▶ WHAT IS BEING ASKED:
What lines below contain the word "import"? Please pull each one out.

☆ ☆ ☆ ☆

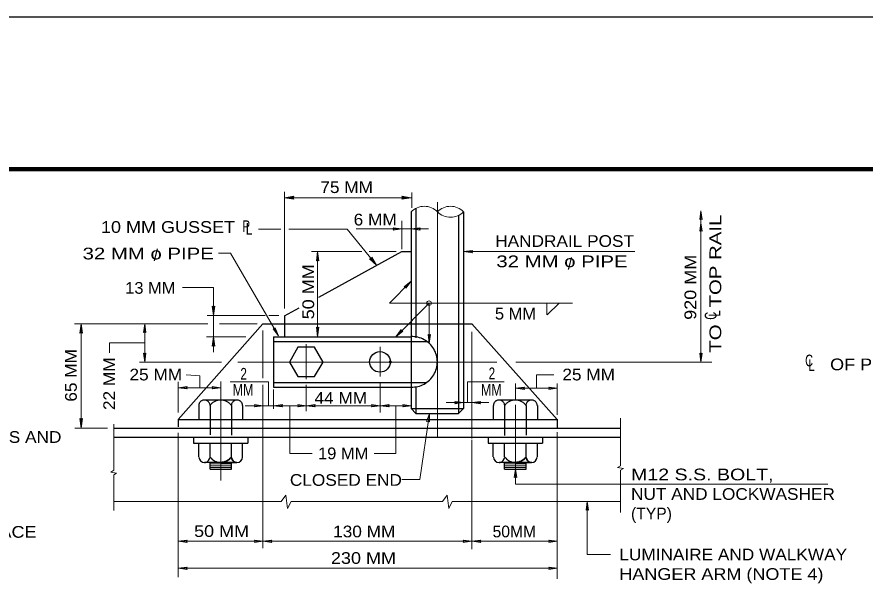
# Model space of a CAD drawing. Extents: x 312601.858 to 312602.699, y 144420.109 to 144420.704.
# Drawn here: x 312602.2633 to 312602.4805, y 144420.5557 to 144420.7035 of the extents above; entities that cross this region are included whole.
import ezdxf
from ezdxf.enums import TextEntityAlignment as Align

# ---------------------------------------------------------------- set-up
doc = ezdxf.new("R2010")
doc.units = 0
doc.header["$LTSCALE"] = 0.0012
doc.header["$PDMODE"] = 32
doc.header["$PDSIZE"] = 0.0006
for name, pattern in [('DOT_DASHED', [7.7, 5, -1.2, 0.3, -1.2]), ('LONG_DASHED', [7.5, 6, -1.5]), ('MEDIUM_DASHED', [4.5, 3, -1.5])]:
    doc.linetypes.add(name, pattern=pattern)
for name, color, linetype, lineweight in [('1', 7, 'Continuous', 13), ('2', 7, 'Continuous', 13), ('39', 7, 'Continuous', 13), ('4', 7, 'Continuous', 13)]:
    doc.layers.add(name, color=color, linetype=linetype, lineweight=lineweight)

msp = doc.modelspace()

# ---------------------------------------------------------------- hatches: boundary and pattern name
at = {"layer": '39'}
for points in [[(312602.334, 144420.6572), (312602.3342, 144420.6568), (312602.3318, 144420.6572), (312602.3342, 144420.6576)], [(312602.334, 144420.6572), (312602.3342, 144420.6568), (312602.3318, 144420.6572), (312602.3342, 144420.6576)], [(312602.3621, 144420.6572), (312602.3619, 144420.6576), (312602.3643, 144420.6572), (312602.3619, 144420.6568)], [(312602.3403, 144420.6412), (312602.34, 144420.641), (312602.3403, 144420.6434), (312602.3406, 144420.641)], [(312602.3403, 144420.6412), (312602.34, 144420.641), (312602.3403, 144420.6434), (312602.3406, 144420.641)], [(312602.354, 144420.6416), (312602.3542, 144420.642), (312602.3554, 144420.6399), (312602.3536, 144420.6415)], [(312602.3136, 144420.6292), (312602.314, 144420.6294), (312602.3136, 144420.627), (312602.3133, 144420.6294)], [(312602.2797, 144420.6227), (312602.2794, 144420.6225), (312602.2797, 144420.6249), (312602.2801, 144420.6225)], [(312602.3403, 144420.6238), (312602.3406, 144420.624), (312602.3403, 144420.6216), (312602.34, 144420.624)], [(312602.3136, 144420.6194), (312602.3133, 144420.6192), (312602.3136, 144420.6216), (312602.314, 144420.6192)], [(312602.3757, 144420.6047), (312602.3755, 144420.605), (312602.3777, 144420.6047), (312602.3755, 144420.6044)], [(312602.3818, 144420.6047), (312602.382, 144420.6044), (312602.3798, 144420.6047), (312602.382, 144420.605)], [(312602.2797, 144420.6004), (312602.2801, 144420.6006), (312602.2797, 144420.5982), (312602.2794, 144420.6006)]]:
    msp.add_hatch(color=256, dxfattribs=at).paths.add_polyline_path(points)

# ---------------------------------------------------------------- linework, layer by layer
at = {"layer": '1'}
for p, q in [((312602.3318, 144420.6587), (312602.3318, 144420.6288)), ((312602.3644, 144420.6546), (312602.3644, 144420.6585)), ((312602.3318, 144420.6572), (312602.3643, 144420.6572)), ((312602.3619, 144420.644), (312602.3619, 144420.6513)), ((312602.3252, 144420.6491), (312602.3309, 144420.6491)), ((312602.3329, 144420.6491), (312602.3479, 144420.6491)), ((312602.3479, 144420.6491), (312602.3554, 144420.6399)), ((312602.4385, 144420.6508), (312602.4385, 144420.6151)), ((312602.3149, 144420.643), (312602.318, 144420.643)), ((312602.318, 144420.643), (312602.3303, 144420.6218)), ((312602.3387, 144420.6434), (312602.3516, 144420.6434)), ((312602.3403, 144420.6434), (312602.3403, 144420.6216)), ((312602.3535, 144420.6434), (312602.3604, 144420.6434)), ((312602.3777, 144420.6434), (312602.4216, 144420.6434)), ((312602.3587, 144420.6302), (312602.3643, 144420.6358)), ((312602.3587, 144420.6302), (312602.4056, 144420.6302)), ((312602.3689, 144420.6302), (312602.3603, 144420.6216)), ((312602.3689, 144420.6301), (312602.3689, 144420.6199)), ((312602.399, 144420.6302), (312602.399, 144420.6272)), ((312602.3991, 144420.6272), (312602.4022, 144420.6302)), ((312602.3269, 144420.627), (312602.312, 144420.627)), ((312602.3304, 144420.627), (312602.3278, 144420.627)), ((312602.278, 144420.6249), (312602.3122, 144420.6249)), ((312602.2797, 144420.6249), (312602.2797, 144420.5982)), ((312602.296, 144420.6249), (312602.296, 144420.6152)), ((312602.3152, 144420.6249), (312602.3248, 144420.6249)), ((312602.3263, 144420.6232), (312602.3263, 144420.611)), ((312602.3118, 144420.6216), (312602.3219, 144420.6216)), ((312602.3136, 144420.6216), (312602.3136, 144420.6176)), ((312602.3798, 144420.6228), (312602.3798, 144420.5955)), ((312602.287, 144420.62), (312602.287, 144420.6175)), ((312602.2947, 144420.6151), (312602.3157, 144420.6151)), ((312602.3911, 144420.6151), (312602.4413, 144420.6151)), ((312602.3046, 144420.61), (312602.3046, 144420.6022)), ((312602.3179, 144420.61), (312602.3277, 144420.61)), ((312602.3787, 144420.61), (312602.3881, 144420.61)), ((312602.3046, 144420.6085), (312602.3155, 144420.6085)), ((312602.3263, 144420.6093), (312602.3263, 144420.5952)), ((312602.329, 144420.6081), (312602.329, 144420.6031)), ((312602.3563, 144420.6097), (312602.3563, 144420.6022)), ((312602.391, 144420.6096), (312602.391, 144420.6055)), ((312602.391, 144420.6084), (312602.4017, 144420.6084)), ((312602.4017, 144420.6096), (312602.4017, 144420.6016)), ((312602.3563, 144420.6039), (312602.3643, 144420.6039)), ((312602.2881, 144420.5992), (312602.2881, 144420.5874)), ((312602.4179, 144420.6007), (312602.4179, 144420.5885)), ((312602.2781, 144420.5982), (312602.2865, 144420.5982)), ((312602.3046, 144420.597), (312602.3046, 144420.56)), ((312602.4017, 144420.5971), (312602.4017, 144420.5596)), ((312602.3263, 144420.5952), (312602.3263, 144420.5674)), ((312602.3798, 144420.5952), (312602.3798, 144420.5672)), ((312602.3128, 144420.589), (312602.3182, 144420.589)), ((312602.3128, 144420.5885), (312602.3182, 144420.5885)), ((312602.3128, 144420.5881), (312602.3182, 144420.5881)), ((312602.3155, 144420.5894), (312602.3196, 144420.5894)), ((312602.3882, 144420.589), (312602.3937, 144420.589)), ((312602.3882, 144420.5885), (312602.3937, 144420.5885)), ((312602.3882, 144420.5881), (312602.3937, 144420.5881)), ((312602.4171, 144420.5881), (312602.4179, 144420.5885)), ((312602.4171, 144420.5881), (312602.4187, 144420.5878)), ((312602.2873, 144420.5869), (312602.2881, 144420.5874)), ((312602.2873, 144420.5869), (312602.2888, 144420.5866)), ((312602.2881, 144420.5862), (312602.2888, 144420.5866)), ((312602.2881, 144420.5862), (312602.2881, 144420.5771)), ((312602.391, 144420.5877), (312602.391, 144420.5838)), ((312602.4179, 144420.5874), (312602.4187, 144420.5878)), ((312602.4179, 144420.5874), (312602.4179, 144420.5766)), ((312602.391, 144420.5838), (312602.471, 144420.5838)), ((312602.2881, 144420.5794), (312602.331, 144420.5794)), ((312602.3335, 144420.5794), (312602.3723, 144420.5794)), ((312602.3748, 144420.5794), (312602.4179, 144420.5794)), ((312602.4094, 144420.5794), (312602.4094, 144420.5658)), ((312602.4094, 144420.5658), (312602.4153, 144420.5658)), ((312602.3046, 144420.5623), (312602.4017, 144420.5623))]:
    msp.add_line(p, q, dxfattribs=at)
at = {"layer": '1', "linetype": 'DOT_DASHED'}
for p, q in [((312602.371, 144420.6561), (312602.371, 144420.5959)), ((312602.3563, 144420.619), (312602.3563, 144420.6114)), ((312602.3199, 144420.6151), (312602.3862, 144420.6151)), ((312602.3155, 144420.6101), (312602.3155, 144420.5848)), ((312602.391, 144420.6041), (312602.391, 144420.5877))]:
    msp.add_line(p, q, dxfattribs=at)
at = {"layer": '1', "lineweight": 25}
for p, q in [((312602.3643, 144420.6536), (312602.3643, 144420.6249)), ((312602.3777, 144420.6536), (312602.3777, 144420.6249)), ((312602.3406, 144420.6317), (312602.3619, 144420.6434)), ((312602.3619, 144420.6434), (312602.3643, 144420.6434)), ((312602.3318, 144420.6269), (312602.3356, 144420.629)), ((312602.3318, 144420.6269), (312602.3318, 144420.6249)), ((312602.3046, 144420.6004), (312602.3263, 144420.6249)), ((312602.3263, 144420.6249), (312602.3798, 144420.6249)), ((312602.3798, 144420.6249), (312602.4017, 144420.6004)), ((312602.3046, 144420.6004), (312602.3046, 144420.5985)), ((312602.4017, 144420.6005), (312602.4017, 144420.5982)), ((312602.2881, 144420.5982), (312602.4179, 144420.5982)), ((312602.2881, 144420.5959), (312602.4179, 144420.5959)), ((312602.3224, 144420.5959), (312602.3224, 144420.5943)), ((312602.3979, 144420.5959), (312602.3979, 144420.5943)), ((312602.3099, 144420.5908), (312602.3099, 144420.5943)), ((312602.3128, 144420.5908), (312602.3128, 144420.5943)), ((312602.3182, 144420.5908), (312602.3182, 144420.5943)), ((312602.3211, 144420.5908), (312602.3211, 144420.5943)), ((312602.3853, 144420.5908), (312602.3853, 144420.5943)), ((312602.3882, 144420.5908), (312602.3882, 144420.5943)), ((312602.3937, 144420.5908), (312602.3937, 144420.5943)), ((312602.3966, 144420.5908), (312602.3966, 144420.5943)), ((312602.3128, 144420.5877), (312602.3128, 144420.5894)), ((312602.3182, 144420.5877), (312602.3182, 144420.5894)), ((312602.3882, 144420.5877), (312602.3882, 144420.5894)), ((312602.391, 144420.5894), (312602.3951, 144420.5894)), ((312602.3937, 144420.5877), (312602.3937, 144420.5894)), ((312602.3128, 144420.5877), (312602.3182, 144420.5877)), ((312602.3882, 144420.5877), (312602.3937, 144420.5877))]:
    msp.add_line(p, q, dxfattribs=at)
at = {"layer": '1', "linetype": 'LONG_DASHED', "lineweight": 25}
for p, q in [((312602.3655, 144420.6545), (312602.3655, 144420.6213)), ((312602.3764, 144420.6527), (312602.3764, 144420.6249)), ((312602.3318, 144420.6249), (312602.3318, 144420.6216)), ((312602.3643, 144420.6249), (312602.3643, 144420.6032)), ((312602.3764, 144420.6249), (312602.3764, 144420.6019)), ((312602.3777, 144420.6249), (312602.3777, 144420.6032)), ((312602.329, 144420.6216), (312602.329, 144420.6087)), ((312602.329, 144420.6216), (312602.3642, 144420.6216)), ((312602.329, 144420.6204), (312602.3683, 144420.6204)), ((312602.329, 144420.6099), (312602.3682, 144420.6099)), ((312602.329, 144420.6087), (312602.3643, 144420.6087)), ((312602.3655, 144420.6088), (312602.3655, 144420.6019)), ((312602.3128, 144420.604), (312602.3128, 144420.5965)), ((312602.3182, 144420.604), (312602.3182, 144420.5964)), ((312602.3882, 144420.604), (312602.3882, 144420.5963)), ((312602.3937, 144420.604), (312602.3937, 144420.5964)), ((312602.3643, 144420.6032), (312602.3655, 144420.6019)), ((312602.3643, 144420.6032), (312602.3777, 144420.6032)), ((312602.3655, 144420.6019), (312602.3764, 144420.6019)), ((312602.3764, 144420.6019), (312602.3777, 144420.6032)), ((312602.3046, 144420.6004), (312602.4016, 144420.6004))]:
    msp.add_line(p, q, dxfattribs=at)
at = {"layer": '1', "linetype": 'MEDIUM_DASHED', "lineweight": 25}
for p, q in [((312602.3099, 144420.604), (312602.3099, 144420.6004)), ((312602.3113, 144420.6054), (312602.3196, 144420.6054)), ((312602.3211, 144420.604), (312602.3211, 144420.6004)), ((312602.3853, 144420.604), (312602.3853, 144420.6004)), ((312602.3868, 144420.6054), (312602.3951, 144420.6054)), ((312602.3966, 144420.604), (312602.3966, 144420.6004))]:
    msp.add_line(p, q, dxfattribs=at)
at = {"layer": '1'}
for points in [[(312602.4382, 144420.6516), (312602.4385, 144420.6538), (312602.4388, 144420.6516), (312602.4385, 144420.6518)], [(312602.3597, 144420.6495), (312602.3619, 144420.6492), (312602.3597, 144420.6489), (312602.3599, 144420.6492)], [(312602.3666, 144420.6489), (312602.3643, 144420.6492), (312602.3666, 144420.6495), (312602.3663, 144420.6492)], [(312602.4382, 144420.6486), (312602.4385, 144420.6508), (312602.4388, 144420.6486), (312602.4385, 144420.6488)], [(312602.38, 144420.6431), (312602.3777, 144420.6434), (312602.38, 144420.6437), (312602.3797, 144420.6434)], [(312602.3625, 144420.6344), (312602.3643, 144420.6358), (312602.3629, 144420.634), (312602.3629, 144420.6344)], [(312602.2957, 144420.6227), (312602.296, 144420.6249), (312602.2963, 144420.6227), (312602.296, 144420.6229)], [(312602.3294, 144420.6239), (312602.3303, 144420.6218), (312602.3289, 144420.6236), (312602.3293, 144420.6236)], [(312602.3621, 144420.623), (312602.3603, 144420.6216), (312602.3617, 144420.6234), (312602.3617, 144420.623)], [(312602.3692, 144420.6222), (312602.3689, 144420.6199), (312602.3686, 144420.6222), (312602.3689, 144420.6219)], [(312602.2963, 144420.6174), (312602.296, 144420.6151), (312602.2957, 144420.6174), (312602.296, 144420.6171)], [(312602.4388, 144420.6174), (312602.4385, 144420.6151), (312602.4382, 144420.6174), (312602.4385, 144420.6171)], [(312602.3069, 144420.6082), (312602.3046, 144420.6085), (312602.3069, 144420.6088), (312602.3066, 144420.6085)], [(312602.3133, 144420.6088), (312602.3155, 144420.6085), (312602.3133, 144420.6082), (312602.3135, 144420.6085)], [(312602.3933, 144420.6081), (312602.391, 144420.6084), (312602.3933, 144420.6087), (312602.393, 144420.6084)], [(312602.3995, 144420.6087), (312602.4017, 144420.6084), (312602.3995, 144420.6081), (312602.3997, 144420.6084)], [(312602.3241, 144420.6042), (312602.3263, 144420.6039), (312602.3241, 144420.6036), (312602.3243, 144420.6039)], [(312602.3313, 144420.6036), (312602.329, 144420.6039), (312602.3313, 144420.6042), (312602.331, 144420.6039)], [(312602.3352, 144420.6042), (312602.3374, 144420.6039), (312602.3352, 144420.6036), (312602.3354, 144420.6039)], [(312602.3397, 144420.6036), (312602.3374, 144420.6039), (312602.3397, 144420.6042), (312602.3394, 144420.6039)], [(312602.3541, 144420.6042), (312602.3563, 144420.6039), (312602.3541, 144420.6036), (312602.3543, 144420.6039)], [(312602.3586, 144420.6036), (312602.3563, 144420.6039), (312602.3586, 144420.6042), (312602.3583, 144420.6039)], [(312602.3621, 144420.6042), (312602.3643, 144420.6039), (312602.3621, 144420.6036), (312602.3623, 144420.6039)], [(312602.3682, 144420.5999), (312602.369, 144420.6019), (312602.369, 144420.5998), (312602.3687, 144420.6)], [(312602.3907, 144420.5855), (312602.391, 144420.5877), (312602.3913, 144420.5855), (312602.391, 144420.5857)], [(312602.4091, 144420.5772), (312602.4094, 144420.5794), (312602.4097, 144420.5772), (312602.4094, 144420.5774)], [(312602.3069, 144420.5689), (312602.3046, 144420.5692), (312602.3069, 144420.5695), (312602.3066, 144420.5692)], [(312602.3241, 144420.5695), (312602.3263, 144420.5692), (312602.3241, 144420.5689), (312602.3243, 144420.5692)], [(312602.3286, 144420.5689), (312602.3263, 144420.5692), (312602.3286, 144420.5695), (312602.3283, 144420.5692)], [(312602.3776, 144420.5695), (312602.3798, 144420.5692), (312602.3776, 144420.5689), (312602.3778, 144420.5692)], [(312602.3821, 144420.5689), (312602.3798, 144420.5692), (312602.3821, 144420.5695), (312602.3818, 144420.5692)], [(312602.3995, 144420.5695), (312602.4017, 144420.5692), (312602.3995, 144420.5689), (312602.3997, 144420.5692)], [(312602.3069, 144420.562), (312602.3046, 144420.5623), (312602.3069, 144420.5626), (312602.3066, 144420.5623)], [(312602.3995, 144420.5626), (312602.4017, 144420.5623), (312602.3995, 144420.562), (312602.3997, 144420.5623)]]:
    msp.add_lwpolyline(points, close=True, dxfattribs=at)
for points in [[(312602.3502, 144420.6492), (312602.3619, 144420.6492), (312602.3643, 144420.6492), (312602.3687, 144420.6492)], [(312602.3136, 144420.6342), (312602.3136, 144420.627), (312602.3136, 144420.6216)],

☆ ☆ ☆ ☆

▶ PROBLEM SOLUTION:
import ezdxf
from ezdxf.enums import TextEntityAlignment as Align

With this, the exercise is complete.